“林大姐,那尊铜炉已经捐给国家博物馆了。”
我翻画册的手停了下来。
“捐了?”
“私人收藏当然也好。”
“可这样的器物进公共博物馆,更多人能看到。”
“保护条件,也更专业。”
我翻开画册。
熟悉的铜炉安安静静摆在展柜里。
灯光下,暗金色皮壳显得沉稳温润。
底足内沿的月牙形缺口,还清晰留着。
展牌上没编什么传奇,也没非说它是绝对的宣德官造。
写上去的,只有它的年代、工艺特征和传承经历。
下面还有一行小字,该器物曾险遭非法掉包,其身份特征及科学检测资料,推动了一起重大文物诈骗案件的侦破。
老伴戴上老花镜,盯着照片看了很久。
“曾祖父传下来的东西,到底还是离开咱们家了。
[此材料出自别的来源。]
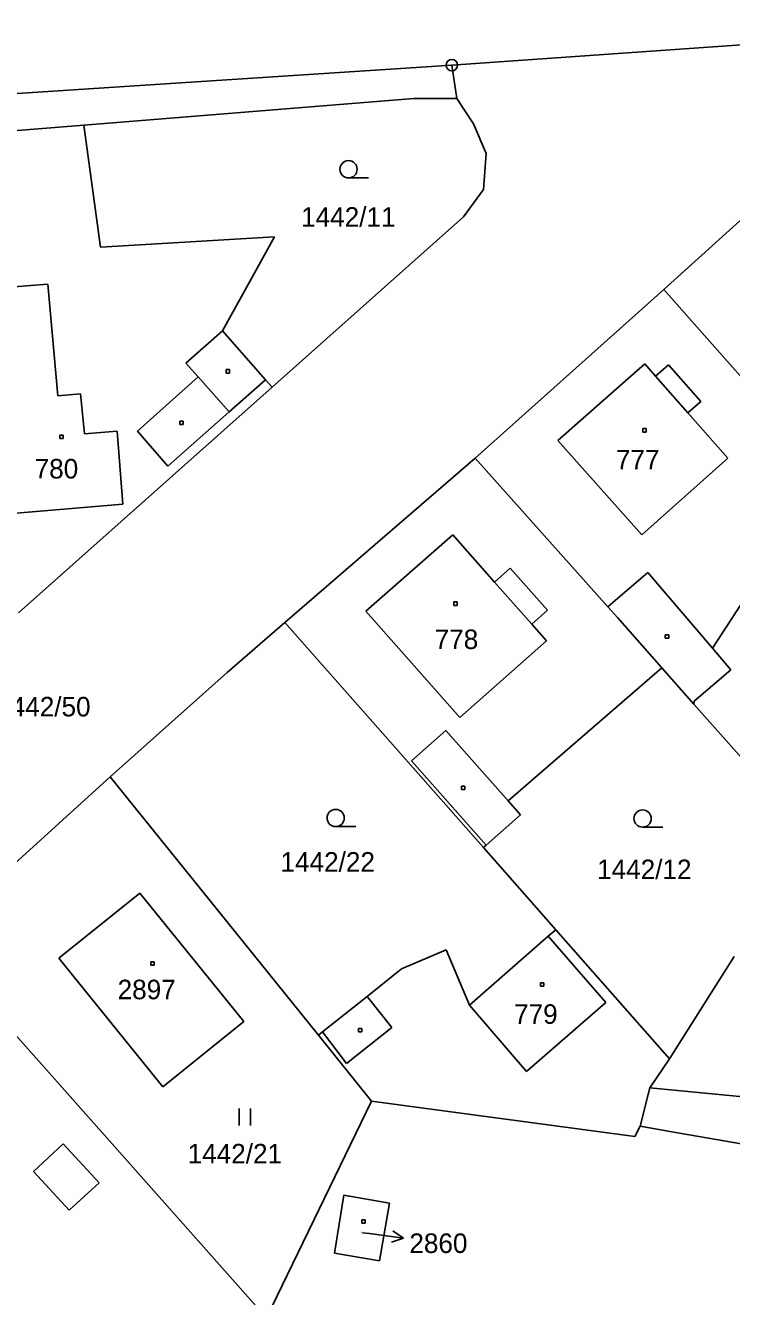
# Model space of a CAD drawing. Extents: x -795483 to -789093, y -1112258 to -1108741.
# Drawn here: x -792761.3 to -792699.9, y -1110275.1 to -1110164.5 of the extents above; entities that cross this region are included whole.
import ezdxf

# ---------------------------------------------------------------- set-up
doc = ezdxf.new("R2010")
doc.units = 0
for name, color, linetype in [('Komunikace', 7, 'Continuous'), ('Vrstva 1', 7, 'Continuous'), ('Vrstva 14', 7, 'Continuous'), ('Vrstva 15', 7, 'Continuous'), ('Vrstva 16', 7, 'Continuous'), ('Vrstva 2', 7, 'Continuous'), ('Vrstva 23', 7, 'Continuous'), ('Vrstva 25', 7, 'Continuous'), ('Vrstva 28', 7, 'Continuous')]:
    doc.layers.add(name, color=color, linetype=linetype)

msp = doc.modelspace()

# ---------------------------------------------------------------- linework, layer by layer
at = {"layer": 'Komunikace'}
msp.add_line((-792731.98, -1110269.55), (-792731.39, -1110269.62), dxfattribs=at)
at = {"layer": 'Vrstva 1'}
for p, q in [((-792724.21, -1110167.98), (-792674.54, -1110164.53)), ((-792821.65, -1110174.35), (-792724.21, -1110167.98)), ((-792724.21, -1110167.98), (-792723.77, -1110170.89)), ((-792756.24, -1110173.2), (-792727.53, -1110170.89)), ((-792727.53, -1110170.89), (-792723.77, -1110170.89)), ((-792723.77, -1110170.89), (-792722.34, -1110173.08)), ((-792765.3, -1110173.93), (-792756.24, -1110173.2)), ((-792756.24, -1110173.2), (-792754.78, -1110183.81)), ((-792722.34, -1110173.08), (-792721.22, -1110175.68)), ((-792705.77, -1110187.49), (-792689.06, -1110172.4)), ((-792721.22, -1110175.68), (-792721.47, -1110178.8)), ((-792721.47, -1110178.8), (-792723.19, -1110181.17)), ((-792723.19, -1110181.17), (-792739.85, -1110196)), ((-792754.78, -1110183.81), (-792739.65, -1110182.91)), ((-792739.65, -1110182.91), (-792744.17, -1110191.11)), ((-792722.17, -1110202.16), (-792705.77, -1110187.49)), ((-792705.77, -1110187.49), (-792691.37, -1110203.81)), ((-792744.17, -1110191.11), (-792740.43, -1110195.35)), ((-792740.43, -1110195.35), (-792739.85, -1110196)), ((-792739.85, -1110196), (-792761.9, -1110215.62)), ((-792738.73, -1110216.47), (-792722.17, -1110202.16)), ((-792722.17, -1110202.16), (-792710.64, -1110215.1)), ((-792694.44, -1110207.78), (-792701.55, -1110218.71)), ((-792709.81, -1110216.03), (-792710.64, -1110215.1)), ((-792743.75, -1110220.82), (-792738.73, -1110216.47)), ((-792738.73, -1110216.47), (-792721.47, -1110236.05)), ((-792709.81, -1110216.03), (-792705.94, -1110220.41)), ((-792701.55, -1110218.71), (-792699.94, -1110220.59)), ((-792753.93, -1110229.88), (-792743.75, -1110220.82)), ((-792705.94, -1110220.41), (-792719.31, -1110231.99)), ((-792705.94, -1110220.41), (-792703.16, -1110223.56)), ((-792699.94, -1110220.59), (-792703.14, -1110223.32)), ((-792703.14, -1110223.32), (-792703.16, -1110223.56)), ((-792703.16, -1110223.56), (-792693.01, -1110235.03)), ((-792769.54, -1110244.05), (-792753.93, -1110229.88)), ((-792753.93, -1110229.88), (-792735.82, -1110252.35)), ((-792719.31, -1110231.99), (-792718.24, -1110233.2)), ((-792718.24, -1110233.2), (-792721.24, -1110235.85)), ((-792721.24, -1110235.85), (-792721.47, -1110236.05)), ((-792721.47, -1110236.05), (-792715.17, -1110243.19)), ((-792758.41, -1110245.67), (-792751.37, -1110240.02)), ((-792751.37, -1110240.02), (-792742.31, -1110251.18)), ((-792769.54, -1110244.05), (-792740.34, -1110276.96)), ((-792722.68, -1110249.74), (-792715.82, -1110243.76)), ((-792715.82, -1110243.76), (-792715.17, -1110243.19)), ((-792715.17, -1110243.19), (-792705.28, -1110254.41)), ((-792728.6, -1110246.6), (-792724.72, -1110244.95)), ((-792724.72, -1110244.95), (-792722.68, -1110249.74)), ((-792749.36, -1110256.86), (-792758.41, -1110245.67)), ((-792699.65, -1110245.51), (-792705.28, -1110254.41)), ((-792731.57, -1110248.99), (-792728.6, -1110246.6)), ((-792735.46, -1110252.06), (-792731.57, -1110248.99)), ((-792742.31, -1110251.18), (-792749.36, -1110256.86)), ((-792735.82, -1110252.35), (-792735.46, -1110252.06)), ((-792735.82, -1110252.35), (-792731.19, -1110258.09)), ((-792705.28, -1110254.41), (-792707, -1110256.94)), ((-792707, -1110256.94), (-792707.82, -1110260.28)), ((-792681.54, -1110259.37), (-792707, -1110256.94)), ((-792731.19, -1110258.09), (-792740.34, -1110276.96)), ((-792731.19, -1110258.09), (-792708.3, -1110261.17)), ((-792708.3, -1110261.17), (-792707.82, -1110260.28)), ((-792707.82, -1110260.28), (-792705.08, -1110260.76)), ((-792705.08, -1110260.76), (-792682.38, -1110264.72)), ((-792734.43, -1110271.34), (-792733.61, -1110266.29)), ((-792733.61, -1110266.29), (-792729.64, -1110266.97)), ((-792729.64, -1110266.97), (-792730.5, -1110271.99)), ((-792730.5, -1110271.99), (-792734.43, -1110271.34))]:
    msp.add_line(p, q, dxfattribs=at)
at = {"layer": 'Vrstva 16'}
for p, q in [((-792728.42, -1110270.01), (-792729.34, -1110269.38)), ((-792731.39, -1110269.62), (-792728.42, -1110270.01)), ((-792728.42, -1110270.01), (-792729.47, -1110270.37))]:
    msp.add_line(p, q, dxfattribs=at)
at = {"layer": 'Vrstva 2'}
for p, q in [((-792759.37, -1110187.03), (-792763.92, -1110187.38)), ((-792758.49, -1110196.74), (-792759.37, -1110187.03)), ((-792744.17, -1110191.11), (-792747.35, -1110193.91)), ((-792747.35, -1110193.91), (-792746.28, -1110195.11)), ((-792715, -1110200.64), (-792707.43, -1110193.98)), ((-792707.43, -1110193.98), (-792706.49, -1110195.05)), ((-792706.49, -1110195.05), (-792705.36, -1110194.06)), ((-792705.36, -1110194.06), (-792702.55, -1110197.24)), ((-792746.28, -1110195.11), (-792751.56, -1110199.82)), ((-792746.28, -1110195.11), (-792743.58, -1110198.15)), ((-792740.43, -1110195.35), (-792743.58, -1110198.15)), ((-792706.49, -1110195.05), (-792703.67, -1110198.23)), ((-792756.52, -1110196.57), (-792758.49, -1110196.74)), ((-792756.17, -1110200.07), (-792756.52, -1110196.57)), ((-792702.55, -1110197.24), (-792703.67, -1110198.23)), ((-792748.91, -1110202.88), (-792743.58, -1110198.15)), ((-792703.67, -1110198.23), (-792700.21, -1110202.16)), ((-792753.33, -1110199.81), (-792756.17, -1110200.07)), ((-792752.83, -1110206.18), (-792753.33, -1110199.81)), ((-792751.56, -1110199.82), (-792748.91, -1110202.88)), ((-792707.69, -1110208.84), (-792715, -1110200.64)), ((-792700.21, -1110202.16), (-792707.69, -1110208.84)), ((-792762.43, -1110206.98), (-792752.83, -1110206.18)), ((-792731.7, -1110215.49), (-792724.14, -1110208.83)), ((-792724.14, -1110208.83), (-792720.5, -1110212.95)), ((-792720.5, -1110212.95), (-792719.13, -1110211.73)), ((-792719.13, -1110211.73), (-792715.88, -1110215.4)), ((-792720.5, -1110212.95), (-792717.26, -1110216.62)), ((-792710.4, -1110214.9), (-792707.17, -1110212.13)), ((-792707.17, -1110212.13), (-792701.55, -1110218.71)), ((-792715.88, -1110215.4), (-792717.26, -1110216.62)), ((-792710.4, -1110214.9), (-792710.64, -1110215.1)), ((-792723.52, -1110224.72), (-792731.7, -1110215.49)), ((-792717.26, -1110216.62), (-792715.99, -1110218.05)), ((-792715.99, -1110218.05), (-792723.52, -1110224.72)), ((-792727.73, -1110228.5), (-792724.75, -1110225.87)), ((-792724.75, -1110225.87), (-792719.31, -1110231.99)), ((-792727.73, -1110228.5), (-792721.24, -1110235.85)), ((-792710.81, -1110249.52), (-792715.82, -1110243.76)), ((-792731.57, -1110248.99), (-792729.43, -1110251.71)), ((-792717.72, -1110255.53), (-792710.81, -1110249.52)), ((-792722.68, -1110249.74), (-792717.72, -1110255.53)), ((-792729.43, -1110251.71), (-792733.38, -1110254.82)), ((-792733.38, -1110254.82), (-792735.46, -1110252.06)), ((-792760.62, -1110264.22), (-792758.03, -1110261.82)), ((-792758.03, -1110261.82), (-792754.91, -1110265.2)), ((-792757.5, -1110267.59), (-792760.62, -1110264.22)), ((-792754.91, -1110265.2), (-792757.5, -1110267.59))]:
    msp.add_line(p, q, dxfattribs=at)
at = {"layer": 'Vrstva 23'}
for p, q in [((-792733.2, -1110177.79), (-792731.45, -1110177.79)), ((-792734.32, -1110234.22), (-792732.57, -1110234.22)), ((-792707.62, -1110234.27), (-792705.87, -1110234.27)), ((-792742.73, -1110260.23), (-792742.73, -1110258.73)), ((-792741.73, -1110258.73), (-792741.73, -1110260.23))]:
    msp.add_line(p, q, dxfattribs=at)
for centre in [(-792733.2, -1110177.04), (-792734.32, -1110233.47), (-792707.62, -1110233.52)]:
    msp.add_circle(centre, 0.75, dxfattribs=at)
at = {"layer": 'Vrstva 25'}
for p, q in [((-792743.86, -1110194.47), (-792743.56, -1110194.47)), ((-792743.86, -1110194.77), (-792743.86, -1110194.47)), ((-792743.56, -1110194.77), (-792743.86, -1110194.77)), ((-792743.56, -1110194.47), (-792743.56, -1110194.77)), ((-792747.89, -1110198.94), (-792747.59, -1110198.94)), ((-792747.89, -1110199.24), (-792747.89, -1110198.94)), ((-792747.59, -1110199.24), (-792747.89, -1110199.24)), ((-792747.59, -1110198.94), (-792747.59, -1110199.24)), ((-792707.61, -1110199.6), (-792707.31, -1110199.6)), ((-792707.61, -1110199.9), (-792707.61, -1110199.6)), ((-792707.31, -1110199.9), (-792707.61, -1110199.9)), ((-792707.31, -1110199.6), (-792707.31, -1110199.9)), ((-792758.32, -1110200.17), (-792758.02, -1110200.17)), ((-792758.32, -1110200.47), (-792758.32, -1110200.17)), ((-792758.02, -1110200.47), (-792758.32, -1110200.47)), ((-792758.02, -1110200.17), (-792758.02, -1110200.47)), ((-792724.04, -1110214.68), (-792723.74, -1110214.68)), ((-792724.04, -1110214.98), (-792724.04, -1110214.68)), ((-792723.74, -1110214.98), (-792724.04, -1110214.98)), ((-792723.74, -1110214.68), (-792723.74, -1110214.98)), ((-792705.64, -1110217.54), (-792705.34, -1110217.54)), ((-792705.64, -1110217.84), (-792705.64, -1110217.54)), ((-792705.34, -1110217.54), (-792705.34, -1110217.84)), ((-792705.34, -1110217.84), (-792705.64, -1110217.84)), ((-792723.38, -1110230.69), (-792723.08, -1110230.69)), ((-792723.38, -1110230.99), (-792723.38, -1110230.69)), ((-792723.08, -1110230.69), (-792723.08, -1110230.99)), ((-792723.08, -1110230.99), (-792723.38, -1110230.99)), ((-792750.4, -1110245.97), (-792750.1, -1110245.97)), ((-792750.4, -1110246.27), (-792750.4, -1110245.97)), ((-792750.1, -1110246.27), (-792750.4, -1110246.27)), ((-792750.1, -1110245.97), (-792750.1, -1110246.27)), ((-792716.51, -1110247.8), (-792716.21, -1110247.8)), ((-792716.51, -1110248.1), (-792716.51, -1110247.8)), ((-792716.21, -1110248.1), (-792716.51, -1110248.1)), ((-792716.21, -1110247.8), (-792716.21, -1110248.1)), ((-792732.33, -1110251.78), (-792732.03, -1110251.78)), ((-792732.33, -1110252.08), (-792732.33, -1110251.78)), ((-792732.03, -1110251.78), (-792732.03, -1110252.08)), ((-792732.03, -1110252.08), (-792732.33, -1110252.08)), ((-792732.05, -1110268.42), (-792731.75, -1110268.42)), ((-792732.05, -1110268.72), (-792732.05, -1110268.42)), ((-792731.75, -1110268.42), (-792731.75, -1110268.72)), ((-792731.75, -1110268.72), (-792732.05, -1110268.72))]:
    msp.add_line(p, q, dxfattribs=at)
at = {"layer": 'Vrstva 28'}
for radius in [0.5, 0.01]:
    msp.add_circle((-792724.21, -1110167.98), radius, dxfattribs=at)

# ---------------------------------------------------------------- texts
at = {"layer": 'Vrstva 14'}
for s, p in [('1442/11', (-792737.33, -1110182.04)), ('1442/50', (-792763.86, -1110224.64)), ('1442/22', (-792739.12, -1110238.14)), ('1442/12', (-792711.58, -1110238.79)), ('1442/21', (-792747.2, -1110263.52))]:
    msp.add_text(s, height=1.7, dxfattribs=at).set_placement(p)
at = {"layer": 'Vrstva 15'}
for s, height, p in [('777', 1.7, (-792709.94, -1110203.15)), ('780', 1.7, (-792760.51, -1110203.94)), ('778', 1.7, (-792725.71, -1110218.78)), ('2897', 1.7, (-792753.29, -1110249.24)), ('779', 1.7, (-792718.8, -1110251.38)), ('2860', 0.1, (-792732.15, -1110269.55))]:
    msp.add_text(s, height=height, dxfattribs=at).set_placement(p)
at = {"layer": 'Vrstva 16'}
msp.add_text('2860', height=1.7, dxfattribs=at).set_placement((-792727.91, -1110271.31))

doc.saveas('drawing.dxf')

”
“舍不得?”
“有一点。”
他笑着叹了口气。
“可它救了我的命。”
“也帮那么多人讨回了公道。”
“现在进了博物馆,比锁在咱们柜子里强。”
我往他身边靠了靠,头搭在他肩上。
“我也是这么想的。”
死物再珍贵,也比不上活生生的人。
铜炉的价值,远不止成交价上的3200万元。
它换回了老伴的命。
也让被蒙骗、被羞辱的人,有机会把真相说出来。
夏天到了以后,医生说老伴的身体已经可以短途旅行。
我们去了他年轻的时候,最想去的大草原。